Strongly coupled fermionic probe for nonequilibrium thermometry

TL;DR

This paper investigates the measurement sensitivity of a strongly coupled fermionic probe for nonequilibrium thermometry, revealing non-Markovian effects that enhance quantum Fisher information and proposing optimal interrogation times.

Contribution

It introduces a detailed analysis of non-Markovian dynamics in fermionic thermometry, showing how they can be exploited to improve measurement sensitivity and identifying optimal measurement times.

Findings

QFI shows non-monotonic behavior due to non-Markovian effects

Maximum QFI rate occurs at a finite time t*

Collective fermionic probes can enhance measurement precision

Abstract

We characterise the measurement sensitivity, quantified by the Quantum Fisher Information (QFI), of a single-fermionic thermometric probe strongly coupled to the sample of interest, a fermionic bath, at temperature $T$. For nonequilibrium protocols, in which the probe is measured before reaching equilibrium with the sample, we find new behaviour of the measurement sensitivity arising due to non-Markovian dynamics.
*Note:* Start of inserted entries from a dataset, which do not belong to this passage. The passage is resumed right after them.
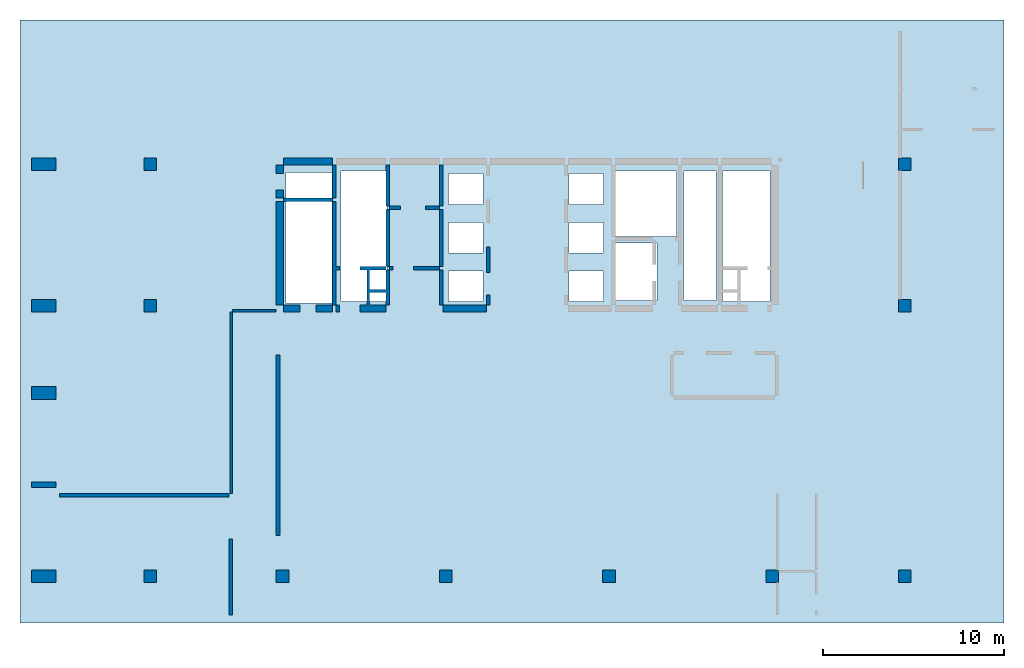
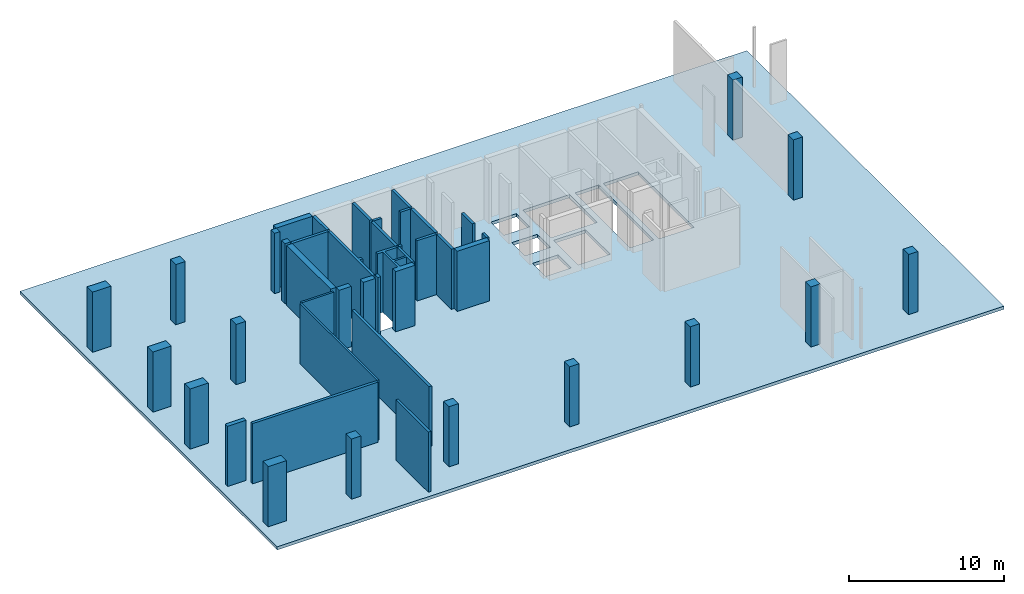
# One storey, part 1 of 2: 29 walls, 14 columns, 1 slab.
"""IFC4 building model written with IfcOpenShell, lengths in millimetres."""

from ifc_helpers import new_model, si_unit, frame, origin, place, context, project, spatial, triangles, element, save


model = new_model("IFC4")

# Units and contexts
model_context = context("Model", 3, precision=0.001, world=origin())
ifc_project = project(units=[si_unit("LENGTHUNIT", "METRE", prefix="MILLI"), si_unit("AREAUNIT", "SQUARE_METRE"), si_unit("VOLUMEUNIT", "CUBIC_METRE")], contexts=[model_context])

# Site, building, storey
site_placement = place(None, origin())
site = spatial("IfcSite", under=ifc_project, at=site_placement, Name="Site", CompositionType="ELEMENT")
building_placement = place(site_placement, origin())
building = spatial("IfcBuilding", under=site, at=building_placement, Name="INNOCEAN", CompositionType="ELEMENT")
storey_placement = place(building_placement, frame((0.0, 0.0, -5000.0)))
storey = spatial("IfcBuildingStorey", under=building, at=storey_placement, Name="B1", CompositionType="ELEMENT", Elevation=-5000.0)

# Columns
column_1_placement = place(storey_placement, origin())
element("IfcColumn", 1, at=column_1_placement, inside=storey, Name="B1_Columns_B1_001", context=model_context, shape_type="Tessellation", body=[
    triangles([(40114.8, 2023.7, 0.0), (40114.8, 2722.3, 4750.0), (40114.8, 2722.3, 0.0), (40114.8, 2023.7, 4750.0), (40813.0, 2722.3, 4750.0), (40813.0, 2023.7, 0.0), (40813.0, 2722.3, 0.0), (40813.0, 2023.7, 4750.0)], [[1, 2, 3], [1, 4, 2], [5, 6, 7], [8, 6, 5], [6, 8, 1], [1, 8, 4], [5, 7, 3], [5, 3, 2], [3, 7, 1], [1, 7, 6], [5, 2, 4], [5, 4, 8]], closed=True),
])
column_2_placement = place(storey_placement, origin())
element("IfcColumn", 2, at=column_2_placement, inside=storey, Name="B1_Columns_B1_002", context=model_context, shape_type="Tessellation", body=[
    triangles([(5843.1, 24721.0, 0.0), (5843.1, 24721.0, 4750.0), (5843.1, 25419.5, 0.0), (5843.1, 25419.5, 4750.0), (6541.2, 24721.0, 4750.0), (6541.2, 24721.0, 0.0), (6541.2, 25419.5, 0.0), (6541.2, 25419.5, 4750.0)], [[1, 2, 3], [3, 2, 4], [5, 6, 7], [5, 7, 8], [6, 5, 1], [1, 5, 2], [8, 7, 3], [8, 3, 4], [1, 3, 6], [3, 7, 6], [4, 2, 5], [8, 4, 5]], closed=True),
])
column_3_placement = place(storey_placement, origin())
element("IfcColumn", 3, at=column_3_placement, inside=storey, Name="B1_Columns_B1_003", context=model_context, shape_type="Tessellation", body=[
    triangles([(5843.1, 16922.4, 0.0), (5843.1, 16922.4, 4750.0), (5843.1, 17620.9, 0.0), (5843.1, 17620.9, 4750.0), (6541.2, 16922.4, 4750.0), (6541.2, 16922.4, 0.0), (6541.2, 17620.9, 0.0), (6541.2, 17620.9, 4750.0)], [[1, 2, 3], [3, 2, 4], [5, 6, 7], [5, 7, 8], [6, 5, 1], [1, 5, 2], [8, 7, 3], [8, 3, 4], [1, 3, 6], [3, 7, 6], [4, 2, 5], [8, 4, 5]], closed=True),
])
column_4_placement = place(storey_placement, origin())
element("IfcColumn", 4, at=column_4_placement, inside=storey, Name="B1_Columns_B1_004", context=model_context, shape_type="Tessellation", body=[
    triangles([(47413.4, 24721.0, 0.0), (47413.4, 24721.0, 4750.0), (47413.4, 25419.5, 0.0), (47413.4, 25419.5, 4750.0), (48111.6, 24721.0, 4750.0), (48111.6, 24721.0, 0.0), (48111.6, 25419.5, 0.0), (48111.6, 25419.5, 4750.0)], [[1, 2, 3], [3, 2, 4], [5, 6, 7], [5, 7, 8], [6, 5, 1], [1, 5, 2], [8, 7, 3], [8, 3, 4], [1, 3, 6], [3, 7, 6], [4, 2, 5], [8, 4, 5]], closed=True),
])
column_5_placement = place(storey_placement, origin())
element("IfcColumn", 5, at=column_5_placement, inside=storey, Name="B1_Columns_B1_005", context=model_context, shape_type="Tessellation", body=[
    triangles([(47413.4, 16922.4, 0.0), (47413.4, 16922.4, 4750.0), (47413.4, 17620.9, 0.0), (47413.4, 17620.9, 4750.0), (48111.6, 16922.4, 4750.0), (48111.6, 16922.4, 0.0), (48111.6, 17620.9, 0.0), (48111.6, 17620.9, 4750.0)], [[1, 2, 3], [3, 2, 4], [5, 6, 7], [5, 7, 8], [6, 5, 1], [1, 5, 2], [8, 7, 3], [8, 3, 4], [1, 3, 6], [3, 7, 6], [4, 2, 5], [8, 4, 5]], closed=True),
])
column_6_placement = place(storey_placement, origin())
element("IfcColumn", 6, at=column_6_placement, inside=storey, Name="B1_Columns_B1_006", context=model_context, shape_type="Tessellation", body=[
    triangles([(13129.0, 2023.7, 0.0), (13129.0, 2722.3, 4750.0), (13129.0, 2722.3, 0.0), (13129.0, 2023.7, 4750.0), (13827.2, 2722.3, 4750.0), (13827.2, 2023.7, 0.0), (13827.2, 2722.3, 0.0), (13827.2, 2023.7, 4750.0)], [[1, 2, 3], [1, 4, 2], [5, 6, 7], [8, 6, 5], [6, 8, 1], [1, 8, 4], [5, 7, 3], [5, 3, 2], [3, 7, 1], [1, 7, 6], [5, 2, 4], [5, 4, 8]], closed=True),
])
column_7_placement = place(storey_placement, origin())
element("IfcColumn", 7, at=column_7_placement, inside=storey, Name="B1_Columns_B1_007", context=model_context, shape_type="Tessellation", body=[
    triangles([(5843.1, 2023.7, 0.0), (5843.1, 2722.3, 4750.0), (5843.1, 2722.3, 0.0), (5843.1, 2023.7, 4750.0), (6541.2, 2722.3, 4750.0), (6541.2, 2023.7, 0.0), (6541.2, 2722.3, 0.0), (6541.2, 2023.7, 4750.0)], [[1, 2, 3], [1, 4, 2], [5, 6, 7], [8, 6, 5], [6, 8, 1], [1, 8, 4], [5, 7, 3], [5, 3, 2], [1, 3, 6], [3, 7, 6], [2, 4, 8], [5, 2, 8]], closed=True),
])
column_8_placement = place(storey_placement, origin())
element("IfcColumn", 8, at=column_8_placement, inside=storey, Name="B1_Columns_B1_008", context=model_context, shape_type="Tessellation", body=[
    triangles([(-363.9, 2023.7, 0.0), (-363.9, 2722.3, 4750.0), (-363.9, 2722.3, 0.0), (-363.9, 2023.7, 4750.0), (994.3, 2722.3, 4750.0), (994.3, 2023.7, 0.0), (994.3, 2722.3, 0.0), (994.3, 2023.7, 4750.0)], [[1, 2, 3], [1, 4, 2], [5, 6, 7], [8, 6, 5], [6, 4, 1], [6, 8, 4], [2, 7, 3], [5, 7, 2], [3, 7, 1], [1, 7, 6], [5, 2, 4], [5, 4, 8]], closed=True),
])
column_9_placement = place(storey_placement, origin())
element("IfcColumn", 9, at=column_9_placement, inside=storey, Name="B1_Columns_B1_009", context=model_context, shape_type="Tessellation", body=[
    triangles([(31128.0, 2023.7, 0.0), (31128.0, 2722.3, 4750.0), (31128.0, 2722.3, 0.0), (31128.0, 2023.7, 4750.0), (31826.2, 2722.3, 4750.0), (31826.2, 2023.7, 0.0), (31826.2, 2722.3, 0.0), (31826.2, 2023.7, 4750.0)], [[1, 2, 3], [1, 4, 2], [5, 6, 7], [8, 6, 5], [6, 8, 1], [1, 8, 4], [5, 7, 3], [5, 3, 2], [3, 7, 1], [1, 7, 6], [5, 2, 4], [5, 4, 8]], closed=True),
])
column_10_placement = place(storey_placement, origin())
element("IfcColumn", 10, at=column_10_placement, inside=storey, Name="B1_Columns_B1_010", context=model_context, shape_type="Tessellation", body=[
    triangles([(22128.5, 2023.7, 0.0), (22128.5, 2722.3, 4750.0), (22128.5, 2722.3, 0.0), (22128.5, 2023.7, 4750.0), (22826.7, 2722.3, 4750.0), (22826.7, 2023.7, 0.0), (22826.7, 2722.3, 0.0), (22826.7, 2023.7, 4750.0)], [[1, 2, 3], [1, 4, 2], [5, 6, 7], [8, 6, 5], [6, 8, 1], [1, 8, 4], [5, 7, 3], [5, 3, 2], [3, 7, 1], [1, 7, 6], [5, 2, 4], [5, 4, 8]], closed=True),
])
column_11_placement = place(storey_placement, origin())
element("IfcColumn", 11, at=column_11_placement, inside=storey, Name="B1_Columns_B1_011", context=model_context, shape_type="Tessellation", body=[
    triangles([(47413.4, 2023.7, 0.0), (47413.4, 2722.3, 4750.0), (47413.4, 2722.3, 0.0), (47413.4, 2023.7, 4750.0), (48111.6, 2722.3, 4750.0), (48111.6, 2023.7, 0.0), (48111.6, 2722.3, 0.0), (48111.6, 2023.7, 4750.0)], [[1, 2, 3], [1, 4, 2], [5, 6, 7], [8, 6, 5], [6, 8, 1], [1, 8, 4], [5, 7, 3], [5, 3, 2], [3, 7, 1], [1, 7, 6], [5, 2, 4], [5, 4, 8]], closed=True),
])
column_12_placement = place(storey_placement, origin())
element("IfcColumn", 12, at=column_12_placement, inside=storey, Name="B1_Columns_B1_012", context=model_context, shape_type="Tessellation", body=[
    triangles([(-363.9, 24721.0, 0.0), (-363.9, 24721.0, 4750.0), (-363.9, 25419.5, 0.0), (-363.9, 25419.5, 4750.0), (994.3, 24721.0, 4750.0), (994.3, 24721.0, 0.0), (994.3, 25419.5, 0.0), (994.3, 25419.5, 4750.0)], [[1, 2, 3], [3, 2, 4], [5, 6, 7], [5, 7, 8], [6, 2, 1], [6, 5, 2], [4, 7, 3], [8, 7, 4], [3, 7, 1], [1, 7, 6], [8, 4, 2], [8, 2, 5]], closed=True),
])
column_13_placement = place(storey_placement, origin())
element("IfcColumn", 13, at=column_13_placement, inside=storey, Name="B1_Columns_B1_013", context=model_context, shape_type="Tessellation", body=[
    triangles([(-363.9, 12121.3, 0.0), (-363.9, 12121.3, 4750.0), (-363.9, 12819.8, 0.0), (-363.9, 12819.8, 4750.0), (994.3, 12121.3, 4750.0), (994.3, 12121.3, 0.0), (994.3, 12819.8, 0.0), (994.3, 12819.8, 4750.0)], [[1, 2, 3], [3, 2, 4], [5, 6, 7], [5, 7, 8], [6, 2, 1], [6, 5, 2], [4, 7, 3], [8, 7, 4], [3, 7, 1], [1, 7, 6], [8, 4, 2], [8, 2, 5]], closed=True),
])
column_14_placement = place(storey_placement, origin())
element("IfcColumn", 14, at=column_14_placement, inside=storey, Name="B1_Columns_B1_014", context=model_context, shape_type="Tessellation", body=[
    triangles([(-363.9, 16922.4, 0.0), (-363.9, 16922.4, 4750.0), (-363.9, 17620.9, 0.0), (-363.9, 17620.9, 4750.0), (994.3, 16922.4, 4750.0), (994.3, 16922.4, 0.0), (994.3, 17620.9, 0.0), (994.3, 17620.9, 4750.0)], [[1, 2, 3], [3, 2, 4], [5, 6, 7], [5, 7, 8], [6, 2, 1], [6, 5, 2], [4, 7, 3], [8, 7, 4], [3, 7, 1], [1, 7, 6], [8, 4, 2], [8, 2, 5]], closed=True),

First, we show that the QFI displays a highly non-monotonic behaviour in time, in contrast to the Markovian case where it grows monotonically until equilibrium, so that non-Markovian revivals can be exploited to reach a higher QFI. Second, the QFI rate is maximised at a finite interrogation time $t^*$, which we characterize, in contrast to the solution $t^* \rightarrow 0$ known in the Markovian limit [Quantum 6, 869 (2022)]. Finally, we consider probes make up of few fermions and discuss different collective enhancements in the measurement precision.